8. A method implemented via execution of computing instructions configured to run at one or more processors and configured to be stored at non-transitory computer-readable media, the method comprising:

receiving a parameter space definition;

determining a correlation metric on a parameter space using the parameter space definition;

determining a loss function using the correlation metric;

computing a set of reference points using the loss function;

generating one or more sensed outputs using the computed reference points; and

updating a learning model of a machine learning development architecture using a training vector comprised of the reference points and sensed outputs.

9. The method of claim 8, wherein the correlation metric is determined using a derivative of a scalar function, and the scalar function assigns a scalar value to every point in the parameter space to approximate one or more of the sensed outputs.

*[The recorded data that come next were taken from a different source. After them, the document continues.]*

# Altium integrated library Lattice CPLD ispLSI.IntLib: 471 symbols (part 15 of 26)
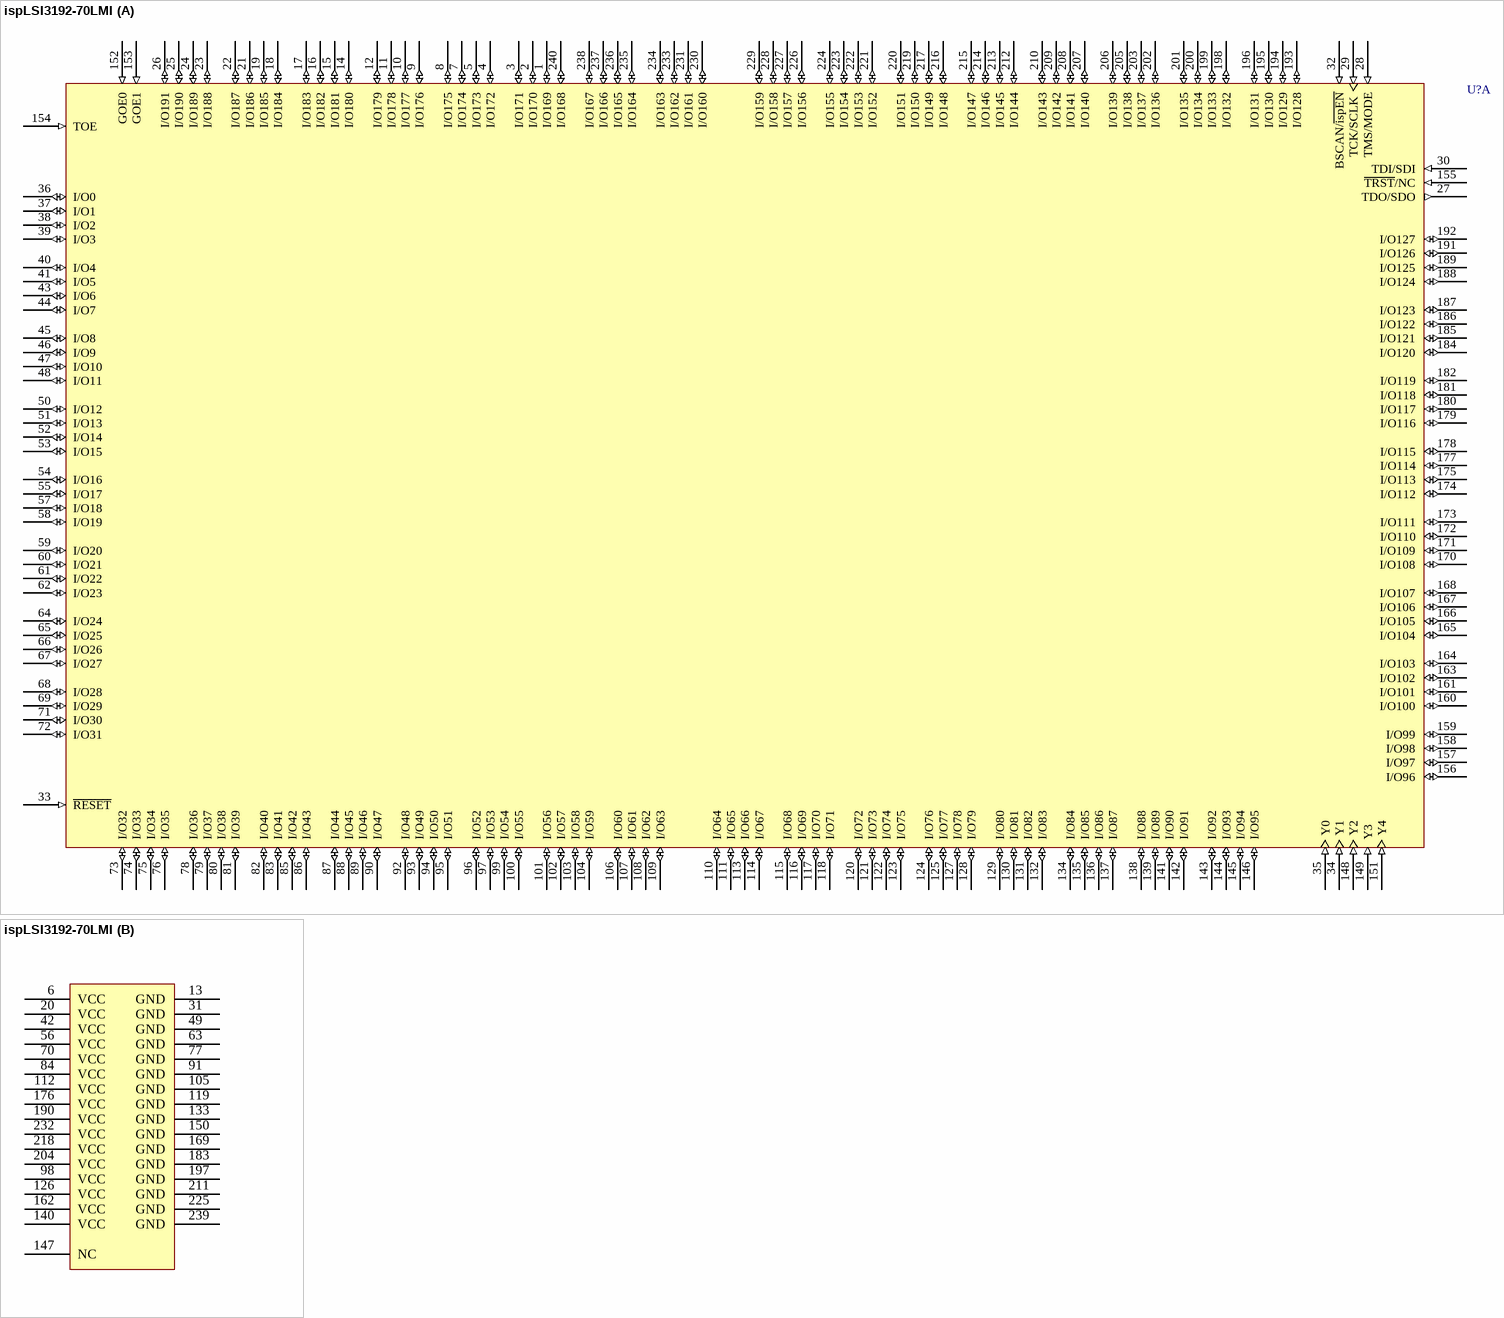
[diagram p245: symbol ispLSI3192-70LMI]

## ispLSI3192-70LMI
designator U?
High-Density Programmable Logic; Note: Pins 27, 28, 29, 30, 32 and 155 have dual function capability.
footprint MQFP240_N (Shrink QFP, 240-Leads, Body 31.7x31.7mm, Pitch 0.5mm, IPC Medium Density)
footprint MQFP240_L (Shrink QFP, 240-Leads, Body 31.7x31.7mm, Pitch 0.5mm, IPC High Density)
footprint MQFP240_M (Shrink QFP, 240-Leads, Body 31.7x31.7mm, Pitch 0.5mm, IPC Low Density)
3D model 3192-MQFP240 (240-Pin Shrink Quad Flat Pack 0.5 mm Pitch)
part A pins: 1 I/O169 (io), 2 I/O170 (io), 3 I/O171 (io), 4 I/O172 (io), 5 I/O173 (io), 7 I/O174 (io), 8 I/O175 (io), 9 I/O176 (io), 10 I/O177 (io), 11 I/O178 (io), 12 I/O179 (io), 14 I/O180 (io), 15 I/O181 (io), 16 I/O182 (io), 17 I/O183 (io), 18 I/O184 (io), 19 I/O185 (io), 21 I/O186 (io), 22 I/O187 (io), 23 I/O188 (io), 24 I/O189 (io), 25 I/O190 (io), 26 I/O191 (io), 27 TDO/SDO (out), 28 TMS/MODE (in), 29 TCK/SCLK (in), 30 TDI/SDI (in), 32 BSCAN/~{ispEN} (in), 33 ~{RESET} (in), 34 Y1 (in), 35 Y0 (in), 36 I/O0 (io), 37 I/O1 (io), 38 I/O2 (io), 39 I/O3 (io), 40 I/O4 (io), 41 I/O5 (io), 43 I/O6 (io), 44 I/O7 (io), 45 I/O8 (io), 46 I/O9 (io), 47 I/O10 (io), 48 I/O11 (io), 50 I/O12 (io), 51 I/O13 (io), 52 I/O14 (io), 53 I/O15 (io), 54 I/O16 (io), 55 I/O17 (io), 57 I/O18 (io), 58 I/O19 (io), 59 I/O20 (io), 60 I/O21 (io), 61 I/O22 (io), 62 I/O23 (io), 64 I/O24 (io), 65 I/O25 (io), 66 I/O26 (io), 67 I/O27 (io), 68 I/O28 (io), 69 I/O29 (io), 71 I/O30 (io), 72 I/O31 (io), 73 I/O32 (io), 74 I/O33 (io), 75 I/O34 (io), 76 I/O35 (io), 78 I/O36 (io), 79 I/O37 (io), 80 I/O38 (io), 81 I/O39 (io), 82 I/O40 (io), 83 I/O41 (io), 85 I/O42 (io), 86 I/O43 (io), 87 I/O44 (io), 88 I/O45 (io), 89 I/O46 (io), 90 I/O47 (io), 92 I/O48 (io), 93 I/O49 (io), 94 I/O50 (io), 95 I/O51 (io), 96 I/O52 (io), 97 I/O53 (io), 99 I/O54 (io), 100 I/O55 (io), 101 I/O56 (io), 102 I/O57 (io), 103 I/O58 (io), 104 I/O59 (io), 106 I/O60 (io), 107 I/O61 (io), 108 I/O62 (io), 109 I/O63 (io), 110 I/O64 (io), 111 I/O65 (io), 113 I/O66 (io), 114 I/O67 (io), 115 I/O68 (io), 116 I/O69 (io), 117 I/O70 (io), 118 I/O71 (io), 120 I/O72 (io), 121 I/O73 (io), 122 I/O74 (io), 123 I/O75 (io), 124 I/O76 (io), 125 I/O77 (io), 127 I/O78 (io), 128 I/O79 (io), 129 I/O80 (io), 130 I/O81 (io), 131 I/O82 (io), 132 I/O83 (io), 134 I/O84 (io), 135 I/O85 (io), 136 I/O86 (io), 137 I/O87 (io), 138 I/O88 (io), 139 I/O89 (io), 141 I/O90 (io), 142 I/O91 (io), 143 I/O92 (io), 144 I/O93 (io), 145 I/O94 (io), 146 I/O95 (io), 148 Y2 (in), 149 Y3 (in), 151 Y4 (in), 152 GOE0 (in), 153 GOE1 (in), 154 TOE (in), 155 ~{TRST}/NC (in), 156 I/O96 (io), 157 I/O97 (io), 158 I/O98 (io), 159 I/O99 (io), 160 I/O100 (io), 161 I/O101 (io), 163 I/O102 (io), 164 I/O103 (io), 165 I/O104 (io), 166 I/O105 (io), 167 I/O106 (io), 168 I/O107 (io), 170 I/O108 (io), 171 I/O109 (io), 172 I/O110 (io), 173 I/O111 (io), 174 I/O112 (io), 175 I/O113 (io), 177 I/O114 (io), 178 I/O115 (io), 179 I/O116 (io), 180 I/O117 (io), 181 I/O118 (io), 182 I/O119 (io), 184 I/O120 (io), 185 I/O121 (io), 186 I/O122 (io), 187 I/O123 (io), 188 I/O124 (io), 189 I/O125 (io), 191 I/O126 (io), 192 I/O127 (io), 193 I/O128 (io), 194 I/O129 (io), 195 I/O130 (io), 196 I/O131 (io), 198 I/O132 (io), 199 I/O133 (io), 200 I/O134 (io), 201 I/O135 (io), 202 I/O136 (io), 203 I/O137 (io), 205 I/O138 (io), 206 I/O139 (io), 207 I/O140 (io), 208 I/O141 (io), 209 I/O142 (io), 210 I/O143 (io), 212 I/O144 (io), 213 I/O145 (io), 214 I/O146 (io), 215 I/O147 (io), 216 I/O148 (io), 217 I/O149 (io), 219 I/O150 (io), 220 I/O151 (io), 221 I/O152 (io), 222 I/O153 (io), 223 I/O154 (io), 224 I/O155 (io), 226 I/O156 (io), 227 I/O157 (io), 228 I/O158 (io), 229 I/O159 (io), 230 I/O160 (io), 231 I/O161 (io), 233 I/O162 (io), 234 I/O163 (io), 235 I/O164 (io), 236 I/O165 (io), 237 I/O166 (io), 238 I/O167 (io), 240 I/O168 (io)
part B pins: 6 VCC (power), 13 GND (power), 20 VCC (power), 31 GND (power), 42 VCC (power), 49 GND (power), 56 VCC (power), 63 GND (power), 70 VCC (power), 77 GND (power), 84 VCC (power), 91 GND (power), 98 VCC (power), 105 GND (power), 112 VCC (power), 119 GND (power), 126 VCC (power), 133 GND (power), 140 VCC (power), 147 NC, 150 GND (power), 162 VCC (power), 169 GND (power), 176 VCC (power), 183 GND (power), 190 VCC (power), 197 GND (power), 204 VCC (power), 211 GND (power), 218 VCC (power), 225 GND (power), 232 VCC (power), 239 GND (power)

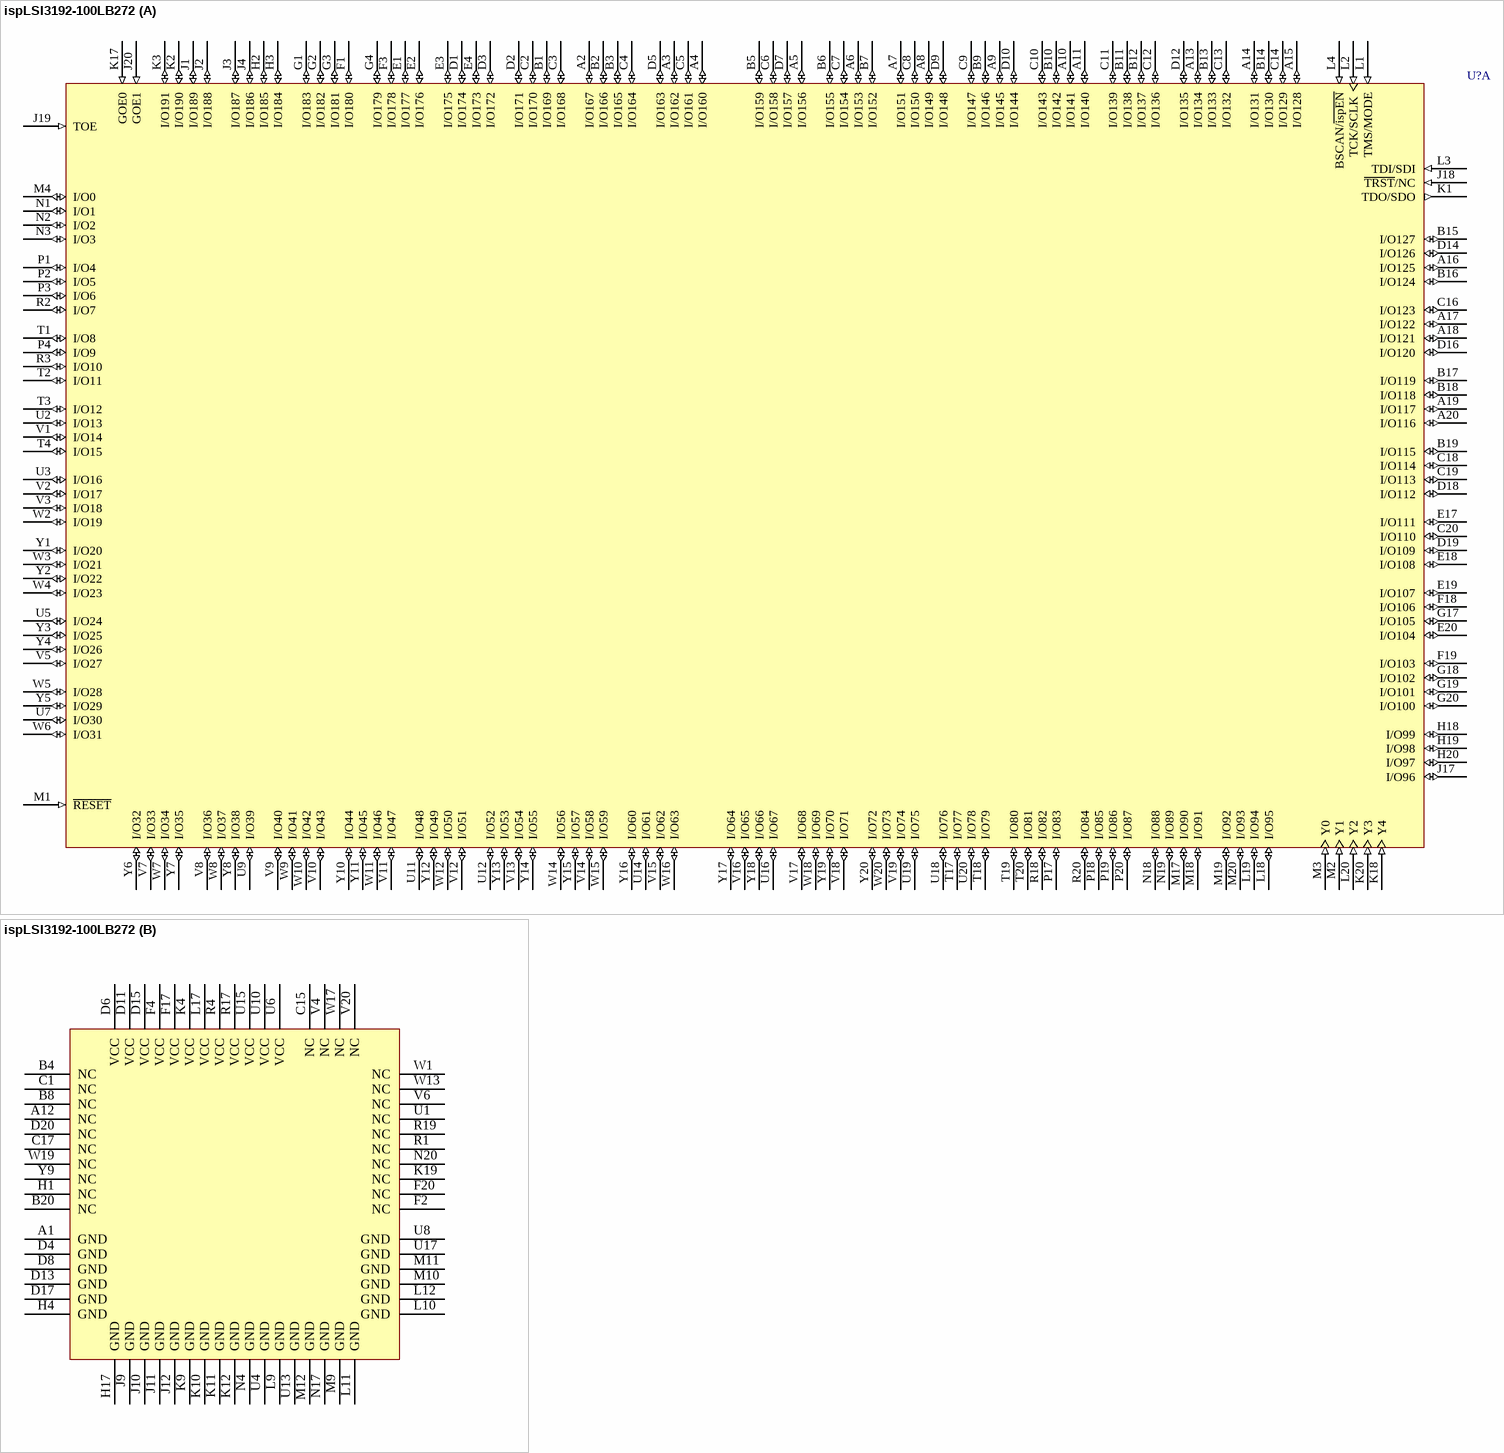
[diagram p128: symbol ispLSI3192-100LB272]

## ispLSI3192-100LB272
designator U?
High-Density Programmable Logic; Note: Pins J18, K1, L1, L2, L3 and L4 have dual function capability.
footprint BGA272 (BGA, 272-Leads, Body 27x27mm, Pitch 1.27mm)
3D model 3192-BGA272 (272-Ball Ball Grid Array (BGA272))
part A pins: A2 I/O167 (io), A3 I/O162 (io), A4 I/O160 (io), A5 I/O156 (io), A6 I/O153 (io), A7 I/O151 (io), A8 I/O149 (io), A9 I/O145 (io), A10 I/O141 (io), A11 I/O140 (io), A13 I/O134 (io), A14 I/O131 (io), A15 I/O128 (io), A16 I/O125 (io), A17 I/O122 (io), A18 I/O121 (io), A19 I/O117 (io), A20 I/O116 (io), B1 I/O169 (io), B2 I/O166 (io), B3 I/O165 (io), B5 I/O159 (io), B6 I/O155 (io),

10. The method of claim 9, wherein the scalar function is a geometric function of the points in the parameter space, and the geometric function includes a volume or an area.

11. The method of claim 9, wherein the scalar function is a weighted sum of a plurality of geometric functions, the weights based on one or more parameters in the parameter space.

12. The method of claim 8, wherein the loss function is a maxim in function.

13. The method of claim 8, wherein the loss function includes a constraint.

14. The method of claim 13, the constraint includes bounds on or more parameters in the parameter space.

15. A computer program product, the computer program product comprising a non-transitory computer-readable medium including instructions for causing a computer to:

receive a parameter space definition;

determine a correlation metric on a parameter space using the parameter space definition;

determine a loss function using the correlation metric;

compute a set of reference points using the loss function;

generate one or more sensed outputs using the computed reference points; and

update a learning model of a machine learning development architecture using a training vector comprised of the reference points and sensed outputs.

16. The computer program product of claim 15, wherein the correlation metric is determined using a derivative of a scalar function, and the scalar function assigns a scalar value to every point in the parameter space to approximate one or more of the sensed outputs.

17. The computer program product of claim 16, wherein the scalar function is a geometric function of the points in the parameter space, the geometric function, including a volume or an area.

18. The computer program product of claim 15, wherein the loss function is a maxim in function.

19. The computer program product of claim 15, wherein the loss function includes a constraint.

20. The computer program product of claim 19, the constraint includes bounds on or more parameters in the parameter space.